Reputation: 28430
At work we use a develop
branch for day-to-day work - new features, bug fixes, et al. When we are ready to release, we merge the devleop branch into master, tag, and release.
If we are needing to do a hotfix which needs to be released immediately, we create a branch off master
, apply changes, and merge accordingly (including merging master
back into develop
). There are no issues with what I have described so far.

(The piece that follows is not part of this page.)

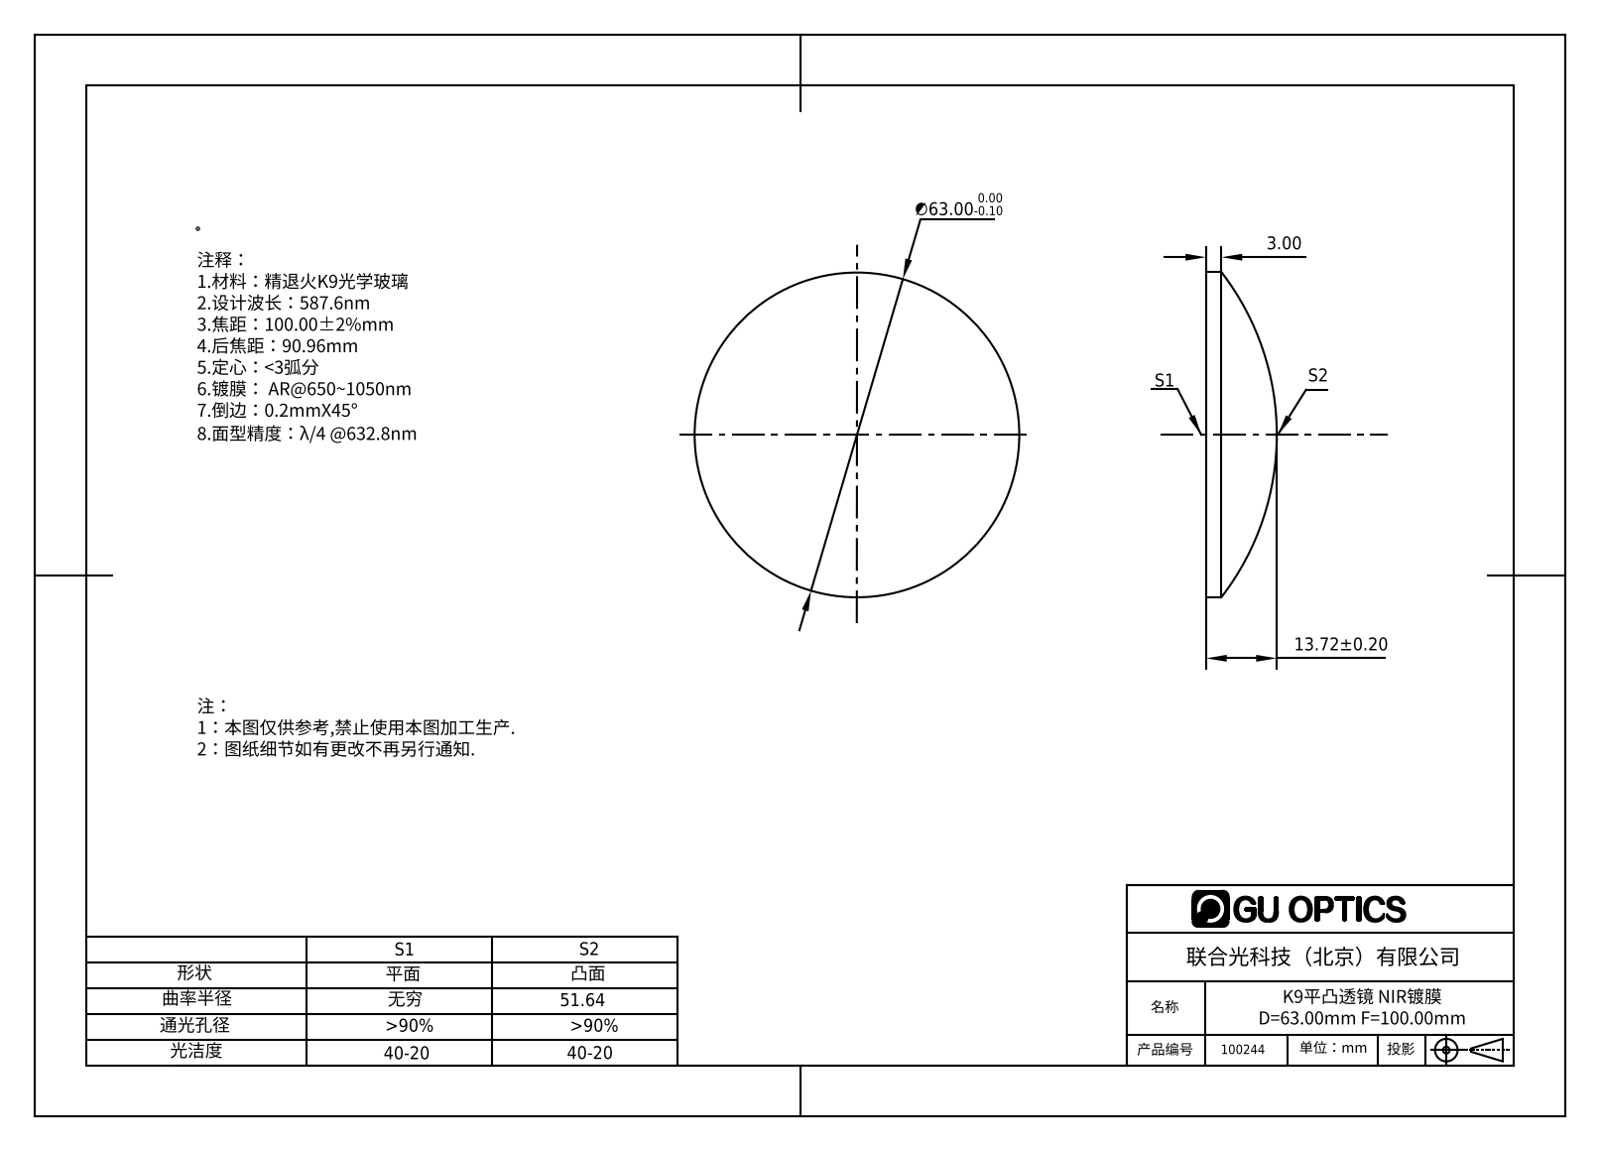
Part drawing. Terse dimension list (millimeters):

I was just recently working on a small bug fix that was to be included in the next release. So created my usual branch off of develop
, made a few commits, and submitted a PR. Then a manager wanted the fix in today as a hotfix. OK - simple, I'll just rebase my work against master
and open the PR against master. However, running git rebase master
did not replay my work against the current HEAD commit on master. Instead, git told me that everything was "up to date". I then opened the PR against master, and my PR contained all new work from the develop
branch, not just my bug fix.
I was able to do an interactive rebase and drop all of the commits which shouldn't have been there, but this seems kind of tedious and error prone. Is there a more sane way of achieving this goal of rebasing against an older yet up-to-date branch?
Upvotes: 3
Views: 5428
Reputation: 45759
Instead of rebasing "against master
" (i.e. "with master
as the upstream" per the command you used), you needed to rebase your work --onto master
with the upstream set to develop
.
git rebase --onto master develop my_fix
Bear in mind this creates a new and untested code state; since hot-fixes are fast-tracked to production a special eye to testing it is warranted.